# Barn stairs



## Yankee (Mar 21, 2011)

I have an accessory structure to a single family dwelling. It is a large barn with a loft and a second loft. Obviously traditional barns do not have compliant guards and rails on the lofts nor have compliant stairs. For a minute, I thought agricultural buildings were exempt but I can't find that wording. . . . ?


----------



## steveray (Mar 21, 2011)

Not in this state.....


----------



## Kearney.200 (Mar 21, 2011)

Appendix C of the 2006 IBC.

not much there though.


----------



## fatboy (Mar 21, 2011)

another "stair" thread..........opcorn

call it attic access and move on.

JMHO


----------



## globe trekker (Mar 21, 2011)

What are the lofts being used for?

.


----------



## north star (Mar 21, 2011)

** * * **



Appendix C in the IBC will not be applicable!......This is a Residential

"accessory" structure....See Section R101.2 in the applicable IRC.



** * * **


----------



## fatboy (Mar 21, 2011)

"What are the lofts being used for?"

Doesn't matter, as George would like to point out, if that's what they are labeled on the plan.......well, what is a typical use of a loft? Hay, grain, other ag type storage.

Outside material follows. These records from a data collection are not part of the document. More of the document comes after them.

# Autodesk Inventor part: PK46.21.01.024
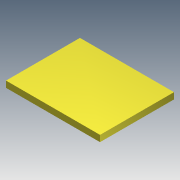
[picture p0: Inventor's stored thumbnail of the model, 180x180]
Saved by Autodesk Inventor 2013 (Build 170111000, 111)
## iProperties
Created: 2005-04
Part Number: PK46.21.01.024
Material: Steel, Mild
Document SubType Name: Modeling
Designer: salex
Manufacturer: Standard
Standards Organization: Custom
Density: 7.86 g/cm^3
Author: salex
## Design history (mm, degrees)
sketch "Эскиз1"
  geometry: L1 (0, 0)-(150, 0); L2 (150, 0)-(150, 118); L3 (150, 118)-(0, 118); L4 (0, 118)-(0, 0)
  constraints: 8 end point, 2 parallel, 1 horizontal, 1 perpendicular, 1 other
  dimensions: "d0" = 150 distance of L1.start L1.end; "d1" = 118 distance of L3.end L1.start
extrude "Выдавливание1" new body sketch "Эскиз1" distance "d2" = 10; taper "d3" = 0 deg
body "Solid1"
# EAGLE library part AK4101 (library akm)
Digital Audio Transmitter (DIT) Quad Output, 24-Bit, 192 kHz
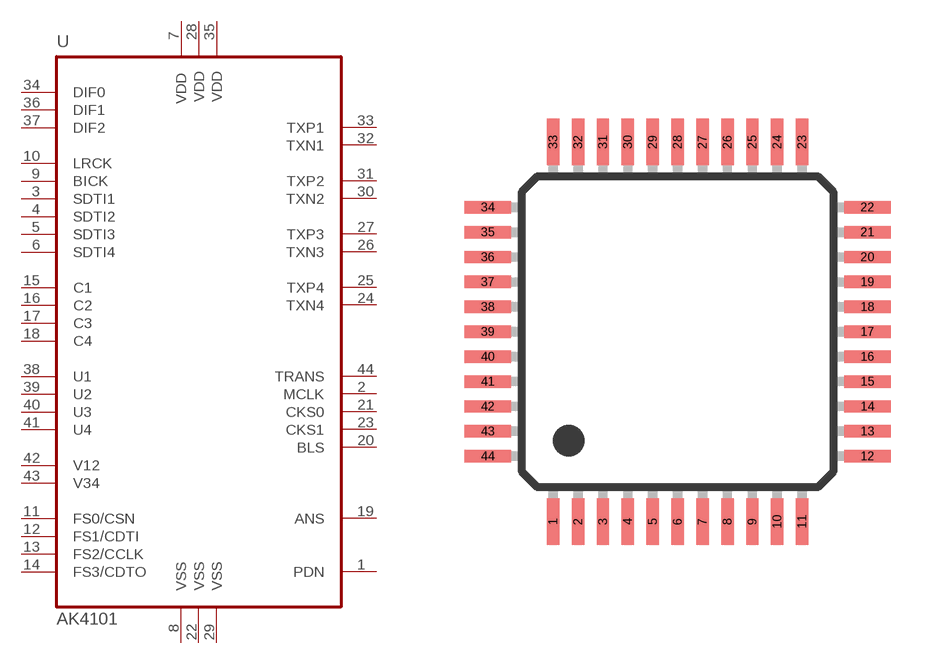
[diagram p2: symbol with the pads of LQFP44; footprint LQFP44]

Designator prefix U

## AK4101AV  [LQFP44]
1  PDN
2  MCLK
3  SDTI1
4  SDTI2
5  SDTI3
6  SDTI4
7  VDD
8  VSS
9  BICK
10  LRCK
11  FS0/CSN
12  FS1/CDTI
13  FS2/CCLK
14  FS3/CDTO
15  C1
16  C2
17  C3
18  C4
19  ANS
20  BLS
21  CKS0
22  VSS1
23  CKS1
24  TXN4
25  TXP4
26  TXN3
27  TXP3
28  VDD1
29  VSS2
30  TXN2
31  TXP2
32  TXN1
33  TXP1
34  DIF0
35  VDD2
36  DIF1
37  DIF2
38  U1
39  U2
40  U3
41  U4
42  V12
43  V34
44  TRANS

## Footprint LQFP44 (pad centres in mm)
LQFP44
smd 0.4 x 1.5: 1 -4,-6.1; 2 -3.2,-6.1; 3 -2.4,-6.1; 4 -1.6,-6.1; 5 -0.8,-6.1; 6 0,-6.1; 7 0.8,-6.1; 8 1.6,-6.1; 9 2.4,-6.1; 10 3.2,-6.1; 11 4,-6.1; 23 4,6.1; 24 3.2,6.1; 25 2.4,6.1; 26 1.6,6.1; 27 0.8,6.1; 28 0,6.1; 29 -0.8,6.1; 30 -1.6,6.1; 31 -2.4,6.1; 32 -3.2,6.1; 33 -4,6.1
smd 1.5 x 0.4: 12 6.1,-4; 13 6.1,-3.2; 14 6.1,-2.4; 15 6.1,-1.6; 16 6.1,-0.8; 17 6.1,0; 18 6.1,0.8; 19 6.1,1.6; 20 6.1,2.4; 21 6.1,3.2; 22 6.1,4; 34 -6.1,4; 35 -6.1,3.2; 36 -6.1,2.4; 37 -6.1,1.6; 38 -6.1,0.8; 39 -6.1,0; 40 -6.1,-0.8; 41 -6.1,-1.6; 42 -6.1,-2.4; 43 -6.1,-3.2; 44 -6.1,-4

Sleeping...well that's a whole nother story...farmer's daughter and all.....haha.

Really, I'd move on, if it were me.


----------



## fatboy (Mar 23, 2011)

Sorry, somehow I locked this, did not intend to........... really!


----------



## GHRoberts (Mar 23, 2011)

I do appreciate fatboy's comment.

Barns are really difficult buildings. Especially where residential properties are allowed to have farm animals.

Many barns have a ladder made by nailing 1x3s to a stud wall. People learn to use them.

Real barns are not habitable. They are drafty, unheated, and have minimal lighting. (That might be a guideline.)

If the lofts are labeled for anything other than hay storage (or equivalent), I would ask for compliant access and guards.


----------



## NH09 (Mar 23, 2011)

I agree that calling it attic access would be a reasonable solution (and one I would probably go with), however Yankee raises a good point - once it becomes a usable storage area the code seems to say a compliant stairway would be required. It would be great if the ICC could work in more exceptions for sheds and agricultural buildings.


----------



## FredK (Mar 23, 2011)

I think the definition says it all:

AGRICULTURAL, BUILDING. A structure designed and constructed to house farm implements, hay, grain, poultry, livestock or other horticultural products. This structure shall not be a place of human habitation or a place of employment where agricultural products are processed, treated or packaged, nor shall it be a place used by the public.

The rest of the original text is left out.